- Date: 11–17 November
- Edition: 19th
- Surface: Clay
- Location: Montevideo, Uruguay
- Venue: Carrasco Lawn Tennis Club

Champions

Singles
- Tristan Boyer

Doubles
- Guido Andreozzi / Orlando Luz
- ← 2023 · Uruguay Open · 2025 →

= 2024 Uruguay Open =

The 2024 Uruguay Open was a professional tennis tournament played on red clay courts in Montevideo. It was the 19th edition of the tournament which was part of the 2024 ATP Challenger Tour. It took place at the Carrasco Lawn Tennis Club in Montevideo, Uruguay between 11 and 17 November 2024.

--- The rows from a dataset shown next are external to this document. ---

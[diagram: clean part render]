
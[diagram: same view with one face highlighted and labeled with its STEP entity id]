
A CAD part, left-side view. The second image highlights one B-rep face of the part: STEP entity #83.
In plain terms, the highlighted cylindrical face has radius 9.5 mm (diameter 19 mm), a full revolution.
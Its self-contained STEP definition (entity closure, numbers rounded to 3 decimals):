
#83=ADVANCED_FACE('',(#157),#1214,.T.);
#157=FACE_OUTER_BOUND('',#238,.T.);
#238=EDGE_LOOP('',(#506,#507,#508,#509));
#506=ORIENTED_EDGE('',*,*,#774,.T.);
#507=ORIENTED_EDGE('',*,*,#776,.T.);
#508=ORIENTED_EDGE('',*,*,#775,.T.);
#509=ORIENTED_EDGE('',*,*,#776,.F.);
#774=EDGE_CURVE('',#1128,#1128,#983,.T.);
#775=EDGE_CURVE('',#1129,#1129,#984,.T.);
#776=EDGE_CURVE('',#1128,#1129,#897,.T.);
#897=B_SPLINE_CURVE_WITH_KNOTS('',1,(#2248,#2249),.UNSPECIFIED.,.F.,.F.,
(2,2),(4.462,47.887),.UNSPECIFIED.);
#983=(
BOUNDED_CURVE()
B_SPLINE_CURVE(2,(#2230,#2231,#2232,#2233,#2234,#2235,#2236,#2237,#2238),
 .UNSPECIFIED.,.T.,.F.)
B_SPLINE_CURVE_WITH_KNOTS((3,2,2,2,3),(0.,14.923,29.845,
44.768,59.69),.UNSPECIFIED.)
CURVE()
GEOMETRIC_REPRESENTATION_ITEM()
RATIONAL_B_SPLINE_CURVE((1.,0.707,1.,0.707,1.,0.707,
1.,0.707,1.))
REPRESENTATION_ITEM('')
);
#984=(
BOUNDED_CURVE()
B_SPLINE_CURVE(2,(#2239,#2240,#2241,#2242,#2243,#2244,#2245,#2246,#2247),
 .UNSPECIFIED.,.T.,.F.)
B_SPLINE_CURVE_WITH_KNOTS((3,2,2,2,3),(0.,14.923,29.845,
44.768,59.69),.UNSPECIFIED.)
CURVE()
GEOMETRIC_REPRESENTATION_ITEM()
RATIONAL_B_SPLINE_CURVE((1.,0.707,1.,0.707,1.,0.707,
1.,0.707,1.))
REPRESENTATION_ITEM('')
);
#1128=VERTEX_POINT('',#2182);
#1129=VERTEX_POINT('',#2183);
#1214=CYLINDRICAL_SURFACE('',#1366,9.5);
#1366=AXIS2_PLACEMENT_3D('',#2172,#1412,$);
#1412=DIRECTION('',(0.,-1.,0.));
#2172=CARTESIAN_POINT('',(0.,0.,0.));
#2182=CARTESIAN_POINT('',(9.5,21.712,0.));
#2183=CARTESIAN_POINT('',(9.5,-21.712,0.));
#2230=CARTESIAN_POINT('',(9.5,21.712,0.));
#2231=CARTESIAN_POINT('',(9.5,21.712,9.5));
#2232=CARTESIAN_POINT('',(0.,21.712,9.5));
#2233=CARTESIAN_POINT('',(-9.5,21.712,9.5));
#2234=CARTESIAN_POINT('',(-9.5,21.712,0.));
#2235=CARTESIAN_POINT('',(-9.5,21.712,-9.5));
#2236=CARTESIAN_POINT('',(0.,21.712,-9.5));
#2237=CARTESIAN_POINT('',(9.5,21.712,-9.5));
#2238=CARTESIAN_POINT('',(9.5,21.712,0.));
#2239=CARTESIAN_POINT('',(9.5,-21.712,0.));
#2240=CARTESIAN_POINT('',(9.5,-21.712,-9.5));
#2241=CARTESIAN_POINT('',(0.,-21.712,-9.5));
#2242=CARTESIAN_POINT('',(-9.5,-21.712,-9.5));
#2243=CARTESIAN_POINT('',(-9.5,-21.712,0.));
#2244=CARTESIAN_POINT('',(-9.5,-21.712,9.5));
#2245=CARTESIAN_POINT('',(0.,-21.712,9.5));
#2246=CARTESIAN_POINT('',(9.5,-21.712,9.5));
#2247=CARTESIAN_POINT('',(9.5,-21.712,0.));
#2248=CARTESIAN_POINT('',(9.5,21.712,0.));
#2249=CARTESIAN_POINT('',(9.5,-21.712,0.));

==Singles main-draw entrants==

===Seeds===

| Country | Player | Rank^{1} | Seed |
|---|---|---|---|
| ARG | Francisco Comesaña | 99 | 1 |
| BRA | Thiago Monteiro | 100 | 2 |
| ARG | Federico Coria | 103 | 3 |
| ARG | Camilo Ugo Carabelli | 106 | 4 |
| BOL | Hugo Dellien | 125 | 5 |
| ARG | Román Andrés Burruchaga | 131 | 6 |
| ARG | Federico Agustín Gómez | 135 | 7 |
| ARG | Juan Manuel Cerúndolo | 143 | 8 |

- ^{1} Rankings are as of 4 November 2024.

===Other entrants===
The following players received wildcards into the singles main draw:
- URU Joaquín Aguilar Cardozo
- ARG Genaro Alberto Olivieri
- URU Franco Roncadelli

The following players received entry from the qualifying draw:
- BRA Mateus Alves
- ARG Luciano Emanuel Ambrogi
- POR Gastão Elias
- BRA Orlando Luz
- ARG Lautaro Midón
- ARG Gonzalo Villanueva

The following player received entry as a lucky loser:
- BRA Matheus Pucinelli de Almeida

==Champions==

===Singles===

- USA Tristan Boyer def. BOL Hugo Dellien 6–2, 6–4.

===Doubles===

- ARG Guido Andreozzi / BRA Orlando Luz def. ARG Mariano Kestelboim / URU Franco Roncadelli 4–6, 6–3, [10–8].